Your goal:
The entries below are to be repeated exactly, and their pictures left out.
[Opening Given information section]
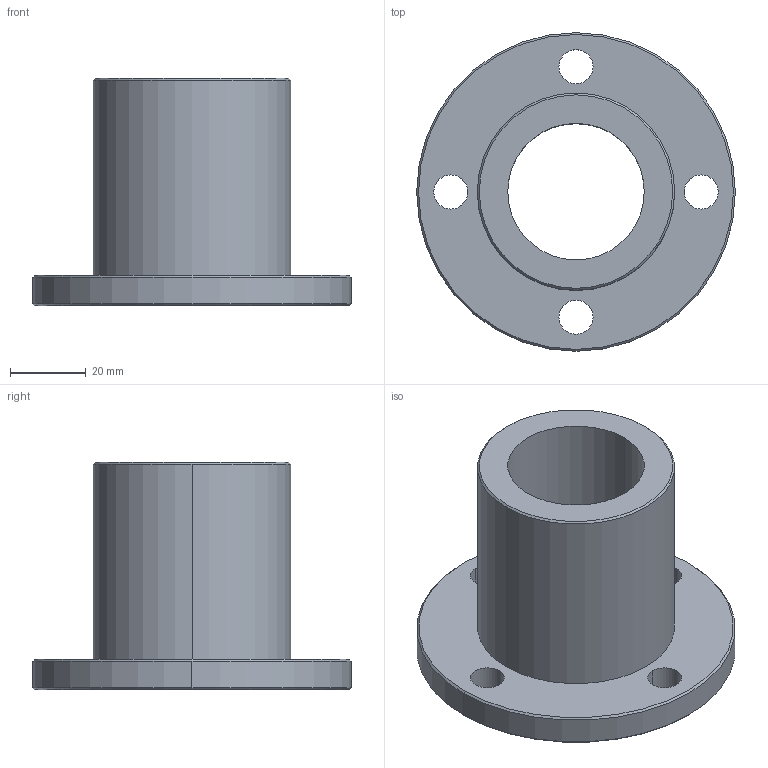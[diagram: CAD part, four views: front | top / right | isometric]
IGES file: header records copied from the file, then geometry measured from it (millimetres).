
Start section: 3D InterOp IGES (Version 21 0 1), Spatial Corp. Copyright (c) 1999-2007.
Global section: file name: TMFON-36R.igs; native system: Spatial Corp.; preprocessor: 3D InterOp GENERIC/IGES 3.0; author: Noname; organization: Noname; date: 20220208.143505; units: millimetre
Bounding box: 84 x 84 x 60 mm (x, y, z)
Surface area: 26632.1 mm2 (no closed solid volume)
Topology: 0 solids, 0 shells, 23 faces, 108 edges, 108 vertices
Faces by surface type: revolution 20, extrusion 3
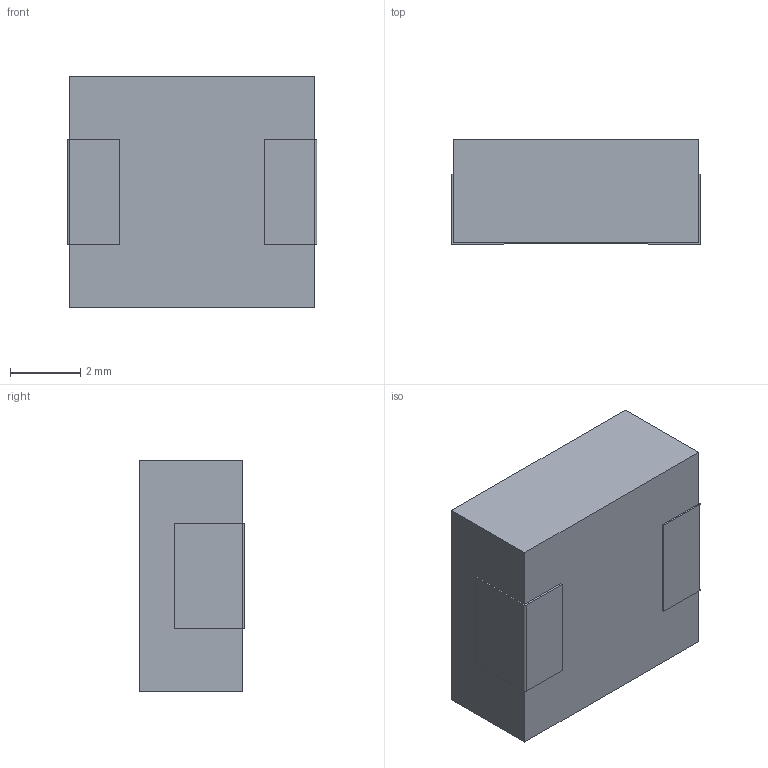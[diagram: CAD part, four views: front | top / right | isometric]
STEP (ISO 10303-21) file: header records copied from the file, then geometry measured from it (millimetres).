
FILE_DESCRIPTION (( 'STEP AP214' ), '1' );
FILE_NAME ('ECS-MPIL0630-100MC.STEP', '2020-06-15T07:53:19', ( '' ), ( '' ), 'SwSTEP 2.0', 'SolidWorks 2017', '' );
FILE_SCHEMA (( 'AUTOMOTIVE_DESIGN' ));
Length unit declared in the file: millimetre
Products named in the file (1): ECS-MPIL0630-100MC
Bounding box: 7.1 x 3 x 6.6 mm (x, y, z)
Volume: 137.3 mm3; surface area: 215.2 mm2
Topology: 3 solids, 3 shells, 24 faces, 54 edges, 36 vertices
Faces by surface type: plane 22, cylinder 2
Entity records: 714 total; most frequent: CARTESIAN_POINT 115, DIRECTION 108, ORIENTED_EDGE 108, EDGE_CURVE 54, VECTOR 50, LINE 50, VERTEX_POINT 36, AXIS2_PLACEMENT_3D 29
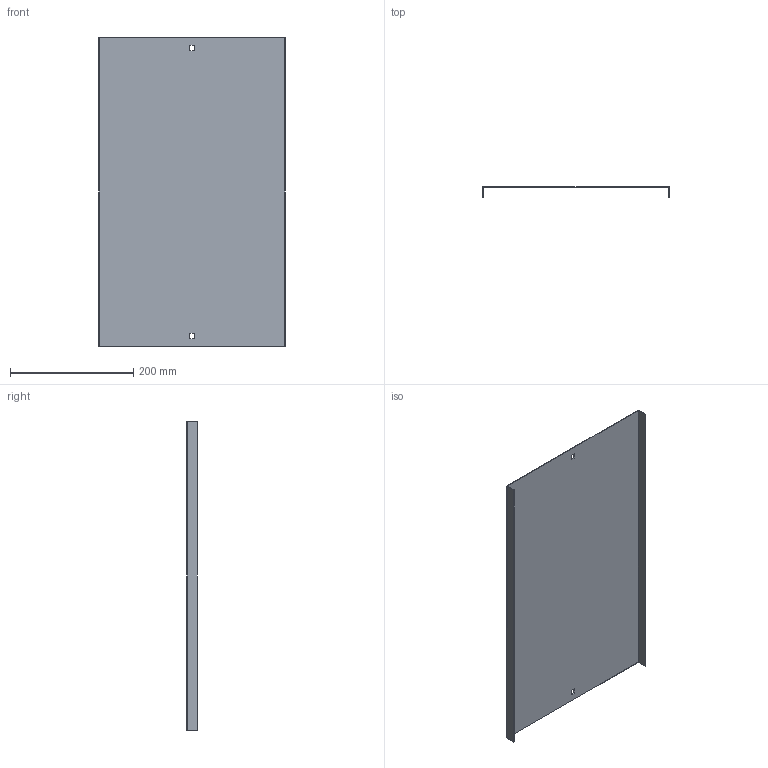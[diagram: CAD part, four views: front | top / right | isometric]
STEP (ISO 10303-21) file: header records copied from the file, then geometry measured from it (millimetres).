
FILE_DESCRIPTION (( 'STEP AP214' ), '1' );
FILE_NAME ('05G7R300.step', '2025-02-21T13:08:28', ( '' ), ( '' ), 'SwSTEP 2.0', 'SolidWorks 2023', '' );
FILE_SCHEMA (( 'AUTOMOTIVE_DESIGN' ));
Length unit declared in the file: millimetre
Products named in the file (1): 05G7R300
Bounding box: 302 x 16.5 x 500 mm (x, y, z)
Volume: 166383 mm3; surface area: 334494 mm2
Topology: 1 solids, 1 shells, 18 faces, 48 edges, 32 vertices
Faces by surface type: plane 18
Entity records: 583 total; most frequent: CARTESIAN_POINT 99, ORIENTED_EDGE 96, DIRECTION 86, LINE 48, VECTOR 48, EDGE_CURVE 48, VERTEX_POINT 32, EDGE_LOOP 22
[Closing Given information section]
Finished exercise:
[diagram: CAD part, four views: front | top / right | isometric]
IGES file: header records copied from the file, then geometry measured from it (millimetres).
Start section: 3D InterOp IGES (Version 21 0 1), Spatial Corp. Copyright (c) 1999-2007.
Global section: file name: TMFON-36R.igs; native system: Spatial Corp.; preprocessor: 3D InterOp GENERIC/IGES 3.0; author: Noname; organization: Noname; date: 20220208.143505; units: millimetre
Bounding box: 84 x 84 x 60 mm (x, y, z)
Surface area: 26632.1 mm2 (no closed solid volume)
Topology: 0 solids, 0 shells, 23 faces, 108 edges, 108 vertices
Faces by surface type: revolution 20, extrusion 3
[diagram: CAD part, four views: front | top / right | isometric]
STEP (ISO 10303-21) file: header records copied from the file, then geometry measured from it (millimetres).
FILE_DESCRIPTION (( 'STEP AP214' ), '1' );
FILE_NAME ('ECS-MPIL0630-100MC.STEP', '2020-06-15T07:53:19', ( '' ), ( '' ), 'SwSTEP 2.0', 'SolidWorks 2017', '' );
FILE_SCHEMA (( 'AUTOMOTIVE_DESIGN' ));
Length unit declared in the file: millimetre
Products named in the file (1): ECS-MPIL0630-100MC
Bounding box: 7.1 x 3 x 6.6 mm (x, y, z)
Volume: 137.3 mm3; surface area: 215.2 mm2
Topology: 3 solids, 3 shells, 24 faces, 54 edges, 36 vertices
Faces by surface type: plane 22, cylinder 2
Entity records: 714 total; most frequent: CARTESIAN_POINT 115, DIRECTION 108, ORIENTED_EDGE 108, EDGE_CURVE 54, VECTOR 50, LINE 50, VERTEX_POINT 36, AXIS2_PLACEMENT_3D 29
[diagram: CAD part, four views: front | top / right | isometric]
STEP (ISO 10303-21) file: header records copied from the file, then geometry measured from it (millimetres).
FILE_DESCRIPTION (( 'STEP AP214' ), '1' );
FILE_NAME ('05G7R300.step', '2025-02-21T13:08:28', ( '' ), ( '' ), 'SwSTEP 2.0', 'SolidWorks 2023', '' );
FILE_SCHEMA (( 'AUTOMOTIVE_DESIGN' ));
Length unit declared in the file: millimetre
Products named in the file (1): 05G7R300
Bounding box: 302 x 16.5 x 500 mm (x, y, z)
Volume: 166383 mm3; surface area: 334494 mm2
Topology: 1 solids, 1 shells, 18 faces, 48 edges, 32 vertices
Faces by surface type: plane 18
Entity records: 583 total; most frequent: CARTESIAN_POINT 99, ORIENTED_EDGE 96, DIRECTION 86, LINE 48, VECTOR 48, EDGE_CURVE 48, VERTEX_POINT 32, EDGE_LOOP 22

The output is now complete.